The arrangements for settlement set out in ICOB 7.5.18 G(3)(a) are likely to apply, for example, when payments are made under a creditor insurance policy to meet periodic repayments due under a loan agreement.

ICOB 7.5.20G

The arrangements for settlement set out in ICOB 7.5.18 G(3)(b) apply to arrangements to supply goods or services to the retail customer.
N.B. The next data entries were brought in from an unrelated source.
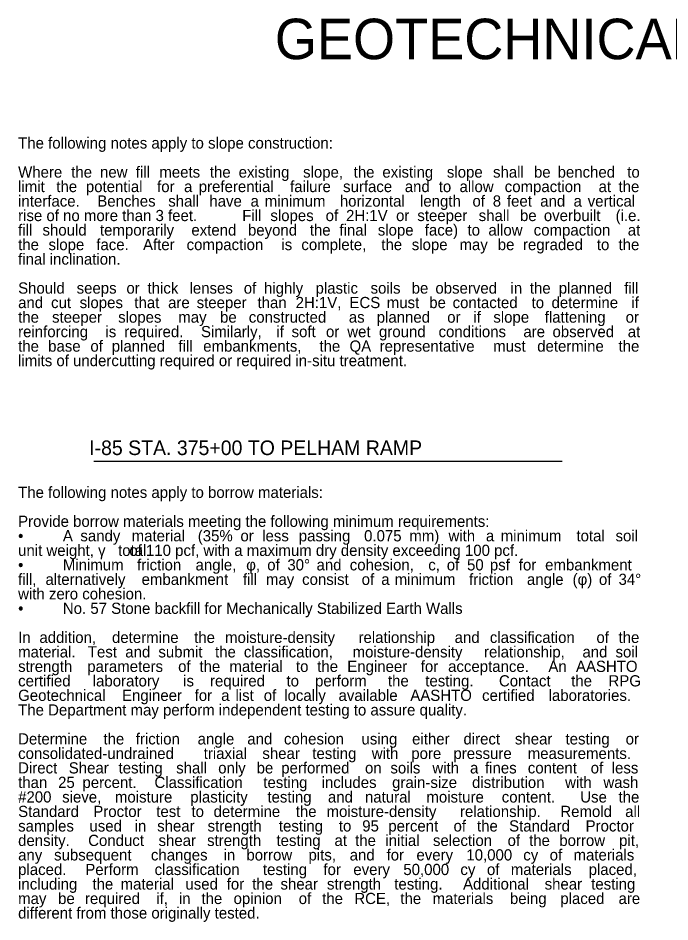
# Model space of a CAD drawing. Extents: x 4804 to 5434, y 4929 to 5221.
# Drawn here: x 5102.6 to 5183.2, y 5103.6 to 5215.2 of the extents above; entities that cross this region are included whole.
import ezdxf

# ---------------------------------------------------------------- set-up
doc = ezdxf.new("R2010")
doc.units = 0
doc.layers.add('RD_TX_RoadID', color=7, linetype='Continuous')

msp = doc.modelspace()

# ---------------------------------------------------------------- linework, layer by layer
at = {"layer": 'RD_TX_RoadID'}
msp.add_line((5111.99, 5160.49), (5169.89, 5160.49), dxfattribs=at)

# ---------------------------------------------------------------- texts
for s, height, p in [('GEOTECHNICAL NOTES', 5, (5134.37, 5210.16)), ('The following notes apply to slope construction:', 1.3845, (5102.65, 5199.12)), ('Where ', 1.384, (5102.65, 5195.53)), ('the ', 1.384, (5109.21, 5195.53)), ('new ', 1.384, (5112.77, 5195.53)), ('fill ', 1.384, (5117.19, 5195.53)), ('meets ', 1.384, (5120.1, 5195.53)), ('the ', 1.384, (5126.34, 5195.53)), ('existing ', 1.384, (5129.9, 5195.53)), ('slope, ', 1.384, (5137.86, 5195.53)), ('the ', 1.384, (5144.11, 5195.53)), ('existing ', 1.384, (5147.66, 5195.53)), ('slope ', 1.384, (5155.63, 5195.53)), ('shall ', 1.384, (5161.33, 5195.53)), ('be ', 1.384, (5166.39, 5195.53)), ('benched ', 1.384, (5169.31, 5195.53)), ('to ', 1.384, (5177.92, 5195.53)), ('limit ', 1.384, (5102.65, 5193.74)), ('the ', 1.384, (5107.37, 5193.74)), ('potential ', 1.384, (5111.02, 5193.74)), ('for ', 1.384, (5119.82, 5193.74)), ('preferential ', 1.3845, (5124.97, 5193.74)), ('failure ', 1.384, (5136.25, 5193.74)), ('surface ', 1.384, (5142.8, 5193.74)), ('and ', 1.384, (5150.43, 5193.74)), ('to ', 1.384, (5154.62, 5193.74)), ('allow ', 1.384, (5157.19, 5193.74)), ('compaction ', 1.3845, (5162.78, 5193.74)), ('at ', 1.384, (5174.38, 5193.74)), ('the ', 1.384, (5176.84, 5193.74)), ('a ', 1.384, (5123.15, 5193.74)), ('interface. ', 1.3845, (5102.65, 5191.95)), (' Benches ', 1.384, (5111.92, 5191.95)), ('shall ', 1.384, (5121.2, 5191.95)), ('have ', 1.384, (5126.28, 5191.95)), ('a ', 1.384, (5131.37, 5191.95)), ('minimum ', 1.384, (5133.12, 5191.95)), ('horizontal ', 1.3845, (5142.4, 5191.95)), ('length ', 1.384, (5152.31, 5191.95)), ('of ', 1.384, (5158.79, 5191.95)), ('8 ', 1.384, (5161.3, 5191.95)), ('feet ', 1.384, (5163.05, 5191.95)), ('and ', 1.384, (5167.16, 5191.95)), ('a ', 1.384, (5171.28, 5191.95)), ('vertical ', 1.384, (5173.03, 5191.95)), ('rise of no more than 3 feet.', 1.3845, (5102.65, 5190.16)), ('Fill ', 1.384, (5130.34, 5190.16)), ('slopes ', 1.384, (5133.82, 5190.16)), ('of ', 1.384, (5140.65, 5190.16)), ('shall ', 1.384, (5159.56, 5190.16)), ('be ', 1.384, (5164.66, 5190.16)), ('overbuilt ', 1.384, (5167.61, 5190.16)), ('(i.e. ', 1.384, (5176.48, 5190.16)), ('2H:1V ', 1.384, (5143.17, 5190.16)), ('or ', 1.384, (5149.35, 5190.16)), ('steeper ', 1.384, (5151.98, 5190.16)), ('fill ', 1.384, (5102.65, 5188.37)), ('should ', 1.384, (5105.66, 5188.37)), ('temporarily ', 1.3845, (5112.76, 5188.37)), ('extend ', 1.384, (5124.06, 5188.37)), ('beyond ', 1.384, (5131.05, 5188.37)), ('the ', 1.384, (5138.69, 5188.37)), ('final ', 1.384, (5142.35, 5188.37)), ('slope ', 1.384, (5147.09, 5188.37)), ('face) ', 1.384, (5152.9, 5188.37)), ('to ', 1.384, (5158.18, 5188.37)), ('allow ', 1.384, (5160.76, 5188.37)), ('compaction ', 1.3845, (5166.36, 5188.37)), ('at ', 1.384, (5177.98, 5188.37)), ('the ', 1.384, (5102.65, 5186.57)), ('slope ', 1.384, (5106.4, 5186.57)), ('face. ', 1.384, (5112.31, 5186.57)), (' After ', 1.384, (5117.57, 5186.57)), ('compaction ', 1.3845, (5123.47, 5186.57)), ('is ', 1.384, (5135.18, 5186.57)), ('complete, ', 1.384, (5137.65, 5186.57)), ('the ', 1.384, (5147.53, 5186.57)), ('slope ', 1.384, (5151.29, 5186.57)), ('may ', 1.384, (5157.19, 5186.57)), ('be ', 1.384, (5161.92, 5186.57)), ('regraded ', 1.384, (5165.03, 5186.57)), ('to ', 1.384, (5174.16, 5186.57)), ('the ', 1.384, (5176.84, 5186.57)), ('final inclination.', 1.3845, (5102.65, 5184.78)), ('Should ', 1.384, (5102.65, 5181.2)), ('thick ', 1.384, (5118.64, 5181.2)), ('lenses ', 1.384, (5123.83, 5181.2)), ('of ', 1.384, (5130.53, 5181.2)), ('highly ', 1.384, (5133.03, 5181.2)), ('plastic ', 1.384, (5139.4, 5181.2)), ('soils ', 1.384, (5146.2, 5181.2)), ('be ', 1.384, (5151.28, 5181.2)), ('observed ', 1.384, (5154.21, 5181.2)), ('in ', 1.384, (5163.49, 5181.2)), ('the ', 1.384, (5165.88, 5181.2)), ('planned ', 1.384, (5169.46, 5181.2)), ('fill ', 1.384, (5177.55, 5181.2)), ('seeps ', 1.384, (5109.88, 5181.2)), ('or ', 1.384, (5116.03, 5181.2)), ('and ', 1.384, (5102.65, 5179.41)), ('cut ', 1.384, (5106.72, 5179.41)), ('slopes ', 1.384, (5110.25, 5179.41)), ('that ', 1.384, (5117.01, 5179.41)), ('are ', 1.384, (5121.18, 5179.41)), ('steeper ', 1.384, (5124.71, 5179.41)), ('than ', 1.384, (5132.23, 5179.41)), ('2H:1V, ', 1.384, (5136.94, 5179.41)), ('ECS ', 1.384, (5143.59, 5179.41)), ('must ', 1.384, (5148.2, 5179.41)), ('be ', 1.384, (5153.45, 5179.41)), ('contacted ', 1.384, (5156.34, 5179.41)), ('to ', 1.384, (5166.1, 5179.41)), ('determine ', 1.384, (5168.56, 5179.41)), ('if ', 1.384, (5178.43, 5179.41)), ('the ', 1.384, (5102.65, 5177.61)), ('steeper ', 1.384, (5106.84, 5177.61)), ('slopes ', 1.384, (5115.01, 5177.61)), ('may ', 1.384, (5122.44, 5177.61)), ('be ', 1.384, (5127.6, 5177.61)), ('constructed ', 1.3845, (5131.15, 5177.61)), ('as ', 1.384, (5143.51, 5177.61)), ('planned ', 1.384, (5146.96, 5177.61)), ('or ', 1.384, (5155.67, 5177.61)), ('if ', 1.384, (5158.9, 5177.61)), ('slope ', 1.384, (5161.37, 5177.61)), ('flattening ', 1.3845, (5167.72, 5177.61)), ('or ', 1.384, (5177.72, 5177.61)), ('reinforcing ', 1.3845, (5102.65, 5175.82)), ('is ', 1.384, (5113.44, 5175.82)), ('required. ', 1.384, (5115.76, 5175.82)), (' Similarly, ', 1.3845, (5124.73, 5175.82)), ('if ', 1.384, (5134.56, 5175.82)), ('soft ', 1.384, (5136.44, 5175.82)), ('wet ', 1.384, (5143.32, 5175.82)), ('ground ', 1.384, (5147.24, 5175.82)), ('conditions ', 1.3845, (5154.6, 5175.82)), ('observed ', 1.384, (5168.68, 5175.82)), ('at ', 1.384, (5177.98, 5175.82)), ('or ', 1.384, (5140.69, 5175.82)), ('are ', 1.384, (5165.08, 5175.82)), ('the ', 1.384, (5102.65, 5174.03)), ('base ', 1.384, (5106.36, 5174.03)), ('of ', 1.384, (5111.58, 5174.03)), ('planned ', 1.384, (5114.22, 5174.03)), ('fill ', 1.384, (5122.45, 5174.03)), ('embankments, ', 1.3845, (5125.52, 5174.03)), ('the ', 1.384, (5139.88, 5174.03)), ('QA ', 1.384, (5143.6, 5174.03)), ('representative ', 1.3845, (5147.32, 5174.03)), ('must ', 1.384, (5161.35, 5174.03)), ('determine ', 1.384, (5166.79, 5174.03)), ('the ', 1.384, (5176.84, 5174.03)), ('limits of undercutting required or required in-situ treatment.', 1.3845, (5102.65, 5172.24)), ('I-85 STA. 375+00 TO PELHAM RAMP', 1.8, (5111.43, 5161.26)), ('The following notes apply to borrow materials:', 1.3845, (5102.65, 5155.97)), ('Provide borrow materials meeting the following minimum requirements:', 1.3845, (5102.65, 5152.39)), ('•', 1.38, (5102.65, 5150.6)), ('A ', 1.384, (5108.18, 5150.6)), ('sandy ', 1.384, (5110.34, 5150.6)), ('material ', 1.384, (5116.68, 5150.6)), ('(35% ', 1.384, (5124.85, 5150.6)), ('or ', 1.384, (5130.12, 5150.6)), ('less ', 1.384, (5132.81, 5150.6)), ('passing ', 1.384, (5137.33, 5150.6)), ('0.075 ', 1.384, (5145.4, 5150.6)), ('mm) ', 1.384, (5150.99, 5150.6)), ('with ', 1.384, (5155.83, 5150.6)), ('a ', 1.384, (5160.45, 5150.6)), ('minimum ', 1.384, (5162.28, 5150.6)), ('total ', 1.384, (5171.64, 5150.6)), ('soil ', 1.384, (5176.47, 5150.6)), ('unit weight, γ', 1.3845, (5102.65, 5148.8)), ('total ', 1.384, (5115, 5148.8)), ('of 110 pcf, with a maximum dry density exceeding 100 pcf. ', 1.3845, (5116.39, 5148.8)), ('Minimum ', 1.384, (5108.18, 5147.01)), ('friction ', 1.384, (5117.35, 5147.01)), ('angle, ', 1.384, (5124.57, 5147.01)), ('φ, ', 1.384, (5130.83, 5147.01)), ('of ', 1.384, (5133.43, 5147.01)), ('30° ', 1.384, (5135.92, 5147.01)), ('and ', 1.384, (5139.52, 5147.01)), ('cohesion, ', 1.384, (5143.63, 5147.01)), ('c, ', 1.384, (5153.33, 5147.01)), ('of ', 1.384, (5155.62, 5147.01)), ('50 ', 1.384, (5158.12, 5147.01)), ('psf ', 1.384, (5160.94, 5147.01)), ('for ', 1.384, (5164.52, 5147.01)), ('embankment ', 1.3845, (5167.77, 5147.01)), ('•', 1.38, (5102.65, 5147.01)), ('fill, ', 1.384, (5102.65, 5145.22)), ('alternatively ', 1.3845, (5106.03, 5145.22)), ('embankment ', 1.3845, (5117.91, 5145.22)), ('fill ', 1.384, (5130.43, 5145.22)), ('may ', 1.384, (5133.27, 5145.22)), ('consist ', 1.384, (5137.74, 5145.22)), ('of ', 1.384, (5145.1, 5145.22)), ('a ', 1.384, (5147.52, 5145.22)), ('minimum ', 1.384, (5149.18, 5145.22)), ('friction ', 1.384, (5158.37, 5145.22)), ('angle ', 1.384, (5165.52, 5145.22)), ('(φ) ', 1.384, (5171.16, 5145.22)), ('of ', 1.384, (5174.42, 5145.22)), ('34° ', 1.384, (5176.84, 5145.22)), ('with zero cohesion.', 1.3845, (5102.65, 5143.43)), ('•', 1.38, (5102.65, 5141.64)), ('No. 57 Stone backfill for Mechanically Stabilized Earth Walls', 1.3845, (5108.18, 5141.64)), ('In ', 1.384, (5102.65, 5138.05)), ('addition, ', 1.384, (5105.28, 5138.05)), ('determine ', 1.384, (5114.25, 5138.05)), ('the ', 1.384, (5124.4, 5138.05)), ('moisture-density ', 1.3845, (5128.22, 5138.05)), ('relationship ', 1.3845, (5144.71, 5138.05)), ('and ', 1.384, (5156.59, 5138.05)), ('classification ', 1.3845, (5160.94, 5138.05)), ('of ', 1.384, (5174.11, 5138.05)), ('the ', 1.384, (5176.84, 5138.05)), ('material. ', 1.384, (5102.65, 5136.26)), ('Test ', 1.384, (5111.26, 5136.26)), ('and ', 1.384, (5115.89, 5136.26)), ('submit ', 1.384, (5119.98, 5136.26)), ('the ', 1.384, (5126.98, 5136.26)), ('classification, ', 1.3845, (5130.54, 5136.26)), ('moisture-density ', 1.3845, (5143.98, 5136.26)), ('relationship, ', 1.3845, (5160.22, 5136.26)), ('and ', 1.384, (5172.38, 5136.26)), ('soil ', 1.384, (5176.47, 5136.26)), ('strength ', 1.384, (5102.65, 5134.47)), ('parameters ', 1.3845, (5111.19, 5134.47)), ('of ', 1.384, (5122.42, 5134.47)), ('the ', 1.384, (5125.05, 5134.47)), ('material ', 1.384, (5128.76, 5134.47)), ('to ', 1.384, (5136.98, 5134.47)), ('the ', 1.384, (5139.61, 5134.47)), ('Engineer ', 1.384, (5143.32, 5134.47)), ('for ', 1.384, (5152.4, 5134.47)), ('acceptance. ', 1.3845, (5155.78, 5134.47)), (' An ', 1.384, (5167.66, 5134.47)), ('AASHTO ', 1.384, (5171.58, 5134.47)), ('certified ', 1.384, (5102.65, 5132.68)), ('laboratory ', 1.3845, (5111.87, 5132.68)), ('is ', 1.384, (5123.04, 5132.68)), ('required ', 1.384, (5126.36, 5132.68)), ('to ', 1.384, (5135.81, 5132.68)), ('perform ', 1.384, (5139.34, 5132.68)), ('the ', 1.384, (5148.35, 5132.68)), ('testing. ', 1.384, (5152.96, 5132.68)), (' Contact ', 1.384, (5161.55, 5132.68)), ('the ', 1.384, (5170.99, 5132.68)), ('RPG ', 1.384, (5175.6, 5132.68)), ('Geotechnical ', 1.3845, (5102.65, 5130.89)), ('Engineer ', 1.384, (5115.49, 5130.89)), ('for ', 1.384, (5124.46, 5130.89)), ('a ', 1.384, (5127.74, 5130.89)), ('list ', 1.384, (5129.51, 5130.89)), ('of ', 1.384, (5133, 5130.89)), ('locally ', 1.384, (5135.53, 5130.89)), ('available ', 1.384, (5142.24, 5130.89)), ('AASHTO ', 1.384, (5151.11, 5130.89)), ('certified ', 1.384, (5159.98, 5130.89)), ('laboratories. ', 1.3845, (5168.2, 5130.89)), ('The Department may perform independent testing to assure quality. ', 1.3845, (5102.65, 5129.09)), ('Determine ', 1.384, (5102.65, 5125.51)), ('the ', 1.384, (5113.19, 5125.51)), ('friction ', 1.384, (5117.18, 5125.51)), ('angle ', 1.384, (5124.83, 5125.51)), ('and ', 1.384, (5130.97, 5125.51)), ('cohesion ', 1.384, (5135.5, 5125.51)), ('using ', 1.384, (5145.08, 5125.51)), ('either ', 1.384, (5151.33, 5125.51)), ('direct ', 1.384, (5157.68, 5125.51)), ('shear ', 1.384, (5164.04, 5125.51)), ('testing ', 1.384, (5170.29, 5125.51)), ('or ', 1.384, (5177.72, 5125.51)), ('consolidated-undrained ', 1.3845, (5102.65, 5123.72)), ('triaxial ', 1.384, (5125.58, 5123.72)), ('shear ', 1.384, (5132.83, 5123.72)), ('testing ', 1.384, (5139, 5123.72)), ('with ', 1.384, (5146.35, 5123.72)), ('pore ', 1.384, (5151.23, 5123.72)), ('pressure ', 1.384, (5156.44, 5123.72)), ('measurements. ', 1.3845, (5165.62, 5123.72)), ('Direct ', 1.384, (5102.65, 5121.93)), ('Shear ', 1.384, (5108.91, 5121.93)), ('testing ', 1.384, (5115.06, 5121.93)), ('shall ', 1.384, (5122.18, 5121.93)), ('only ', 1.384, (5127.37, 5121.93)), ('be ', 1.384, (5132.12, 5121.93)), ('performed ', 1.384, (5135.16, 5121.93)), ('on ', 1.384, (5145.51, 5121.93)), ('soils ', 1.384, (5148.65, 5121.93)), ('with ', 1.384, (5153.84, 5121.93)), ('a ', 1.384, (5158.49, 5121.93)), ('fines ', 1.384, (5160.34, 5121.93)), ('content ', 1.384, (5165.63, 5121.93)), ('of ', 1.384, (5173.4, 5121.93)), ('less ', 1.384, (5176, 5121.93)), ('than ', 1.384, (5102.65, 5120.14)), ('25 ', 1.384, (5107.59, 5120.14)), ('percent. ', 1.384, (5110.6, 5120.14)), (' Classification ', 1.3845, (5118.98, 5120.14)), ('testing ', 1.384, (5132.95, 5120.14)), ('includes ', 1.384, (5140.15, 5120.14)), ('grain-size ', 1.3845, (5148.86, 5120.14)), ('distribution ', 1.3845, (5158.74, 5120.14)), ('with ', 1.384, (5170.24, 5120.14)), ('wash ', 1.384, (5174.97, 5120.14)), ('#200 ', 1.384, (5102.65, 5118.34)), ('sieve, ', 1.384, (5108.09, 5118.34)), ('moisture ', 1.384, (5114.61, 5118.34)), ('plasticity ', 1.3845, (5123.92, 5118.34)), ('testing ', 1.384, (5133.45, 5118.34)), ('and ', 1.384, (5140.93, 5118.34)), ('natural ', 1.384, (5145.51, 5118.34)), ('moisture ', 1.384, (5153.1, 5118.34)), ('content. ', 1.384, (5162.41, 5118.34)), ('  Use ', 1.384, (5171.08, 5118.34)), ('the ', 1.384, (5176.84, 5118.34)), ('Standard ', 1.384, (5102.65, 5116.55)), ('Proctor ', 1.384, (5111.94, 5116.55)), ('determine ', 1.384, (5126.8, 5116.55)), ('the ', 1.384, (5136.95, 5116.55)), ('moisture-density ', 1.3845, (5140.76, 5116.55)), ('relationship. ', 1.3845, (5157.25, 5116.55)), ('Remold ', 1.384, (5169.65, 5116.55)), ('all ', 1.384, (5177.66, 5116.55)), ('test ', 1.384, (5119.72, 5116.55)), ('to ', 1.384, (5124.07, 5116.55)), ('samples ', 1.384, (5102.65, 5114.76)), ('used ', 1.384, (5111.46, 5114.76)), ('in ', 1.384, (5117.04, 5114.76)), ('shear ', 1.384, (5119.83, 5114.76)), ('strength ', 1.384, (5126.06, 5114.76)), ('testing ', 1.384, (5134.87, 5114.76)), ('to ', 1.384, (5142.28, 5114.76)), ('95 ', 1.384, (5145.17, 5114.76)), ('percent ', 1.384, (5148.39, 5114.76)), ('of ', 1.384, (5156.45, 5114.76)), ('the ', 1.384, (5159.35, 5114.76)), ('Standard ', 1.384, (5163.32, 5114.76)), ('Proctor ', 1.384, (5172.77, 5114.76)), ('density. ', 1.384, (5102.65, 5112.97)), (' Conduct ', 1.384, (5110.79, 5112.97)), ('shear ', 1.384, (5120, 5112.97)), ('strength ', 1.384, (5126, 5112.97)), ('testing ', 1.384, (5134.57, 5112.97)), ('at ', 1.384, (5141.74, 5112.97)), ('the ', 1.384, (5144.29, 5112.97)), ('initial ', 1.384, (5148.03, 5112.97)), ('selection ', 1.384, (5153.91, 5112.97)), ('of ', 1.384, (5163.13, 5112.97)), ('the ', 1.384, (5165.79, 5112.97)), ('borrow ', 1.384, (5169.52, 5112.97)), ('pit, ', 1.384, (5176.91, 5112.97)), ('subsequent ', 1.3845, (5107.09, 5111.18)), ('changes ', 1.384, (5119.06, 5111.18)), ('in ', 1.384, (5128.03, 5111.18)), ('borrow ', 1.384, (5130.86, 5111.18)), ('pits, ', 1.384, (5138.53, 5111.18)), ('and ', 1.384, (5143.62, 5111.18)), ('for ', 1.384, (5148.18, 5111.18)), ('10,000 ', 1.384, (5158.04, 5111.18)), ('of ', 1.384, (5168.33, 5111.18)), ('materials ', 1.384, (5171.28, 5111.18)), ('any ', 1.384, (5102.65, 5111.18)), ('every ', 1.384, (5151.87, 5111.18)), ('cy ', 1.384, (5165.07, 5111.18)), ('placed. ', 1.384, (5102.65, 5109.38)), (' Perform ', 1.384, (5110.44, 5109.38)), ('classification ', 1.3845, (5119.52, 5109.38)), ('testing ', 1.384, (5132.9, 5109.38)), ('for ', 1.384, (5140.37, 5109.38)), ('every ', 1.384, (5144.07, 5109.38)), ('50,000 ', 1.384, (5150.25, 5109.38)), ('cy ', 1.384, (5157.3, 5109.38)), ('of ', 1.384, (5160.58, 5109.38)), ('materials ', 1.384, (5163.53, 5109.38)), ('placed, ', 1.384, (5173.15, 5109.38)), ('including ', 1.384, (5102.65, 5107.59)), ('the ', 1.384, (5111.83, 5107.59)), ('material ', 1.384, (5115.31, 5107.59)), ('used ', 1.384, (5123.32, 5107.59)), ('for ', 1.384, (5128.42, 5107.59)), ('the ', 1.384, (5131.58, 5107.59)), ('shear ', 1.384, (5135.07, 5107.59)), ('strength ', 1.384, (5140.81, 5107.59)), ('testing. ', 1.384, (5149.13, 5107.59)), ('  Additional ', 1.3845, (5156.6, 5107.59)), ('shear ', 1.384, (5167.71, 5107.59)), ('testing ', 1.384, (5173.46, 5107.59)), ('may ', 1.384, (5102.65, 5105.8)), ('be ', 1.384, (5107.59, 5105.8)), ('required ', 1.384, (5110.91, 5105.8)), ('if, ', 1.384, (5119.72, 5105.8)), ('in ', 1.384, (5122.51, 5105.8)), ('the ', 1.384, (5125.3, 5105.8)), ('opinion ', 1.384, (5129.27, 5105.8)), ('of ', 1.384, (5137.32, 5105.8)), ('the ', 1.384, (5140.22, 5105.8)), ('RCE, ', 1.384, (5144.19, 5105.8)), ('the ', 1.384, (5149.88, 5105.8)), ('materials ', 1.384, (5153.86, 5105.8)), ('being ', 1.384, (5163.42, 5105.8)), ('placed ', 1.384, (5169.65, 5105.8)), ('are ', 1.384, (5176.84, 5105.8)), ('different from those originally tested. ', 1.3845, (5102.65, 5104.01))]:
    msp.add_text(s, height=height, dxfattribs=at).set_placement(p)

doc.saveas('drawing.dxf')

In such situations, the goods or services should be provided promptly, but where they cannot be the insurer should tell the retail customer when to expect them.

ICOB 7.5.21G

An insurer should note that unless it has previously informed a retail customer that a claim will not be met in full or in part until premiums have been paid, the insurer may not delay payment of a claim on the grounds that premiums are outstanding.

Pre-action protocols

ICOB 7.5.22G

A customer who does not accept an insurer's rejection of his claim (or part of it) may challenge that rejection. If he chooses to do so through the courts, firms should be aware that in England and Wales there are pre-action protocols which lay down certain requirements as to the steps to be taken before proceedings are issued. This chapter does not displace these requirements, to which firms should have regard in the event that a rejection of a claim moves towards litigation.